Roe Deer and Hoar Frost

pen and wash woodland sketch

No mud this morning, the ground is frozen solid and the leaf litter and debris on the paths crunch like gravel as we walk up through the woodland of Emroyd Common. Hoar frost crystals have formed in a few patches in sheltered spots alongside a hedgerow and there are ferny patterns on car windscreens.

roe deer and buzzard sketches

Two roe deer trot along at the edge of a pasture along the top edge of the wood.

For several days as we passed the houses at the top end of our lane, I’ve been scanning around to see if there was a buzzard or red kite circling. As we were beginning to suspect, it is actually a starling giving what to me seems like a passable impersonation of a buzzard mewing.

As we walk back through Emroyd we disturb a buzzard, which flies off down the slope through the oak woodland.

Saltholme

Saltholme

We took a break at the RSPB Saltholme wetlands reserve on our way to, and back from, Northumberland last week.

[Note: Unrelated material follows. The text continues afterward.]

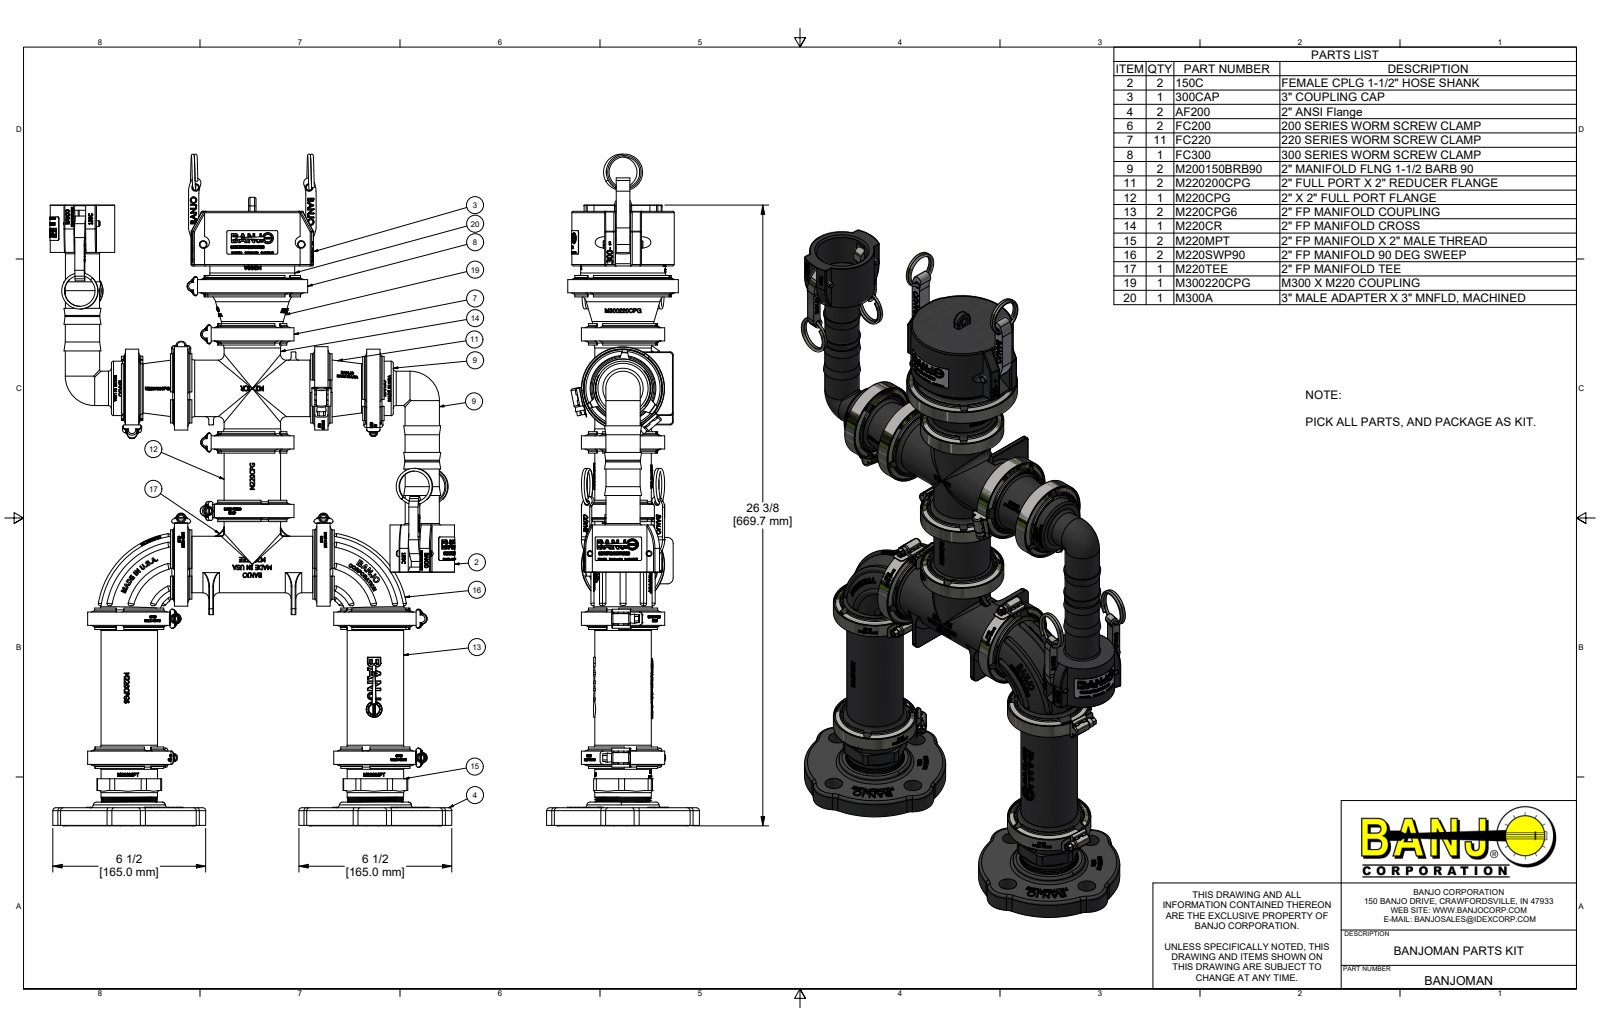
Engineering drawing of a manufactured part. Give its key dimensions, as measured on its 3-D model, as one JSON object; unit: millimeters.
{"part_name": "BANJOMAN; M220TEE; M220TEEUD; M220CPG (+8 more)", "step_written_by": "Autodesk Inventor 2022 (AUTOMOTIVE_DESIGN)", "units": "millimeters", "bodies": {"solids": 76, "faces": 19491, "planar": 8302, "cylindrical": 2602, "other": 8587}, "overall_size": [724.7, 437.1, 165], "volume_mm3": 3495000, "surface_area_mm2": 1420000, "round_holes": [[6.4, 20], [19.1, 8], [50.8, 5], [55.9, 5], [66.8, 5], [72.1, 5], [86.4, 5], [88.9, 5], [5, 4], [6.6, 4], [66.5, 4], [8.1, 3]], "round_bosses_or_shafts": [[89.9, 5], [83.1, 5], [74.6, 5], [66.3, 5], [61, 5], [6.6, 4], [6.3, 4], [37.1, 3]], "partial_cylinders_radius": [[0.2, 235], [0.8, 106], [1.5, 104], [3.2, 66], [0.1, 34], [12.7, 20], [6.4, 18], [5.6, 14]], "face_to_face_distances": [2.5, 205.2, 5.1, 19.1, 202.7, 53.8, 151.4, 31.2, 120.1, 3.8], "hole_center_spacings": [60.3, 55.3, 85.3, 85.3, 90.1, 265.7, 10.1, 50.5]}

The panoramic windows of the first floor cafe look out over one of the lagoons, so we were watching dunlin, godwits and gadwall as we ate our lunch.

gadwall

On the return journey the birding highlight was a pectoral sandpiper a migrant that was a long way off course as it headed south as it breeds in Arctic Canada.

pectoral sandpiper

To the south east Roseberry Topping makes a craggy a punctuation in the looming bulk of the North York Moors.

Roseberry Topping and the Hanger Bridge
Roseberry Topping and the Transporter (not Hanger) Bridge

Roe Deer Rutting

roe deer

On our way north along the M1 near Garforth we glimpsed two roe deer standing facing each other in a large stubble field. As we drove by they clashed antlers (10.20 a.m., 15 September).